Exercise – Go to the line containing "#527=EDGE_CURVE('',#564,#564,#565,.T.);" and return it and each line after it exactly, through the end of the data below, and nothing more.

--- Provided data ---

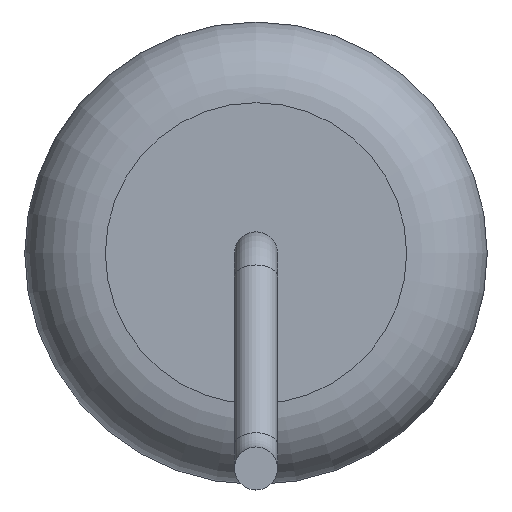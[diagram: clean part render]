
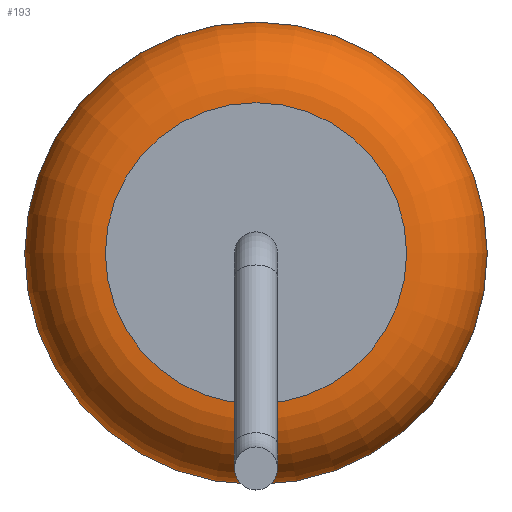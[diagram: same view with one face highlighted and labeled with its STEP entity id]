
A CAD part, left-side view. The second image highlights one B-rep face of the part: STEP entity #193.
In plain terms, the highlighted toroidal (fillet/blend) face has major radius 2.8 mm and minor radius 1.5 mm.
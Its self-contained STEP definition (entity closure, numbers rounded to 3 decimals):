
#193=ADVANCED_FACE('',(#398,#400),#402,.T.);
#398=FACE_OUTER_BOUND('',#399,.T.);
#399=EDGE_LOOP('',(#497));
#400=FACE_OUTER_BOUND('',#401,.T.);
#401=EDGE_LOOP('',(#498));
#402=TOROIDAL_SURFACE('',#403,2.8,1.5);
#403=AXIS2_PLACEMENT_3D('',#404,#405,#406);
#404=CARTESIAN_POINT('',(-7.75,0.,0.));
#405=DIRECTION('',(-1.,0.,0.));
#406=DIRECTION('',(0.,0.,1.));
#497=ORIENTED_EDGE('',*,*,#526,.T.);
#498=ORIENTED_EDGE('',*,*,#527,.F.);
#526=EDGE_CURVE('',#562,#562,#563,.T.);
#527=EDGE_CURVE('',#564,#564,#565,.T.);
#562=VERTEX_POINT('',#648);
#563=CIRCLE('',#649,4.3);
#564=VERTEX_POINT('',#653);
#565=CIRCLE('',#654,2.8);
#648=CARTESIAN_POINT('',(-7.75,0.,4.3));
#649=AXIS2_PLACEMENT_3D('',#650,#651,#652);
#650=CARTESIAN_POINT('',(-7.75,0.,0.));
#651=DIRECTION('',(-1.,0.,0.));
#652=DIRECTION('',(0.,0.,1.));
#653=CARTESIAN_POINT('',(-9.25,0.,2.8));
#654=AXIS2_PLACEMENT_3D('',#655,#656,#657);
#655=CARTESIAN_POINT('',(-9.25,0.,0.));
#656=DIRECTION('',(-1.,0.,0.));
#657=DIRECTION('',(0.,0.,1.));

---

Expected answer –
#527=EDGE_CURVE('',#564,#564,#565,.T.);
#562=VERTEX_POINT('',#648);
#563=CIRCLE('',#649,4.3);
#564=VERTEX_POINT('',#653);
#565=CIRCLE('',#654,2.8);
#648=CARTESIAN_POINT('',(-7.75,0.,4.3));
#649=AXIS2_PLACEMENT_3D('',#650,#651,#652);
#650=CARTESIAN_POINT('',(-7.75,0.,0.));
#651=DIRECTION('',(-1.,0.,0.));
#652=DIRECTION('',(0.,0.,1.));
#653=CARTESIAN_POINT('',(-9.25,0.,2.8));
#654=AXIS2_PLACEMENT_3D('',#655,#656,#657);
#655=CARTESIAN_POINT('',(-9.25,0.,0.));
#656=DIRECTION('',(-1.,0.,0.));
#657=DIRECTION('',(0.,0.,1.));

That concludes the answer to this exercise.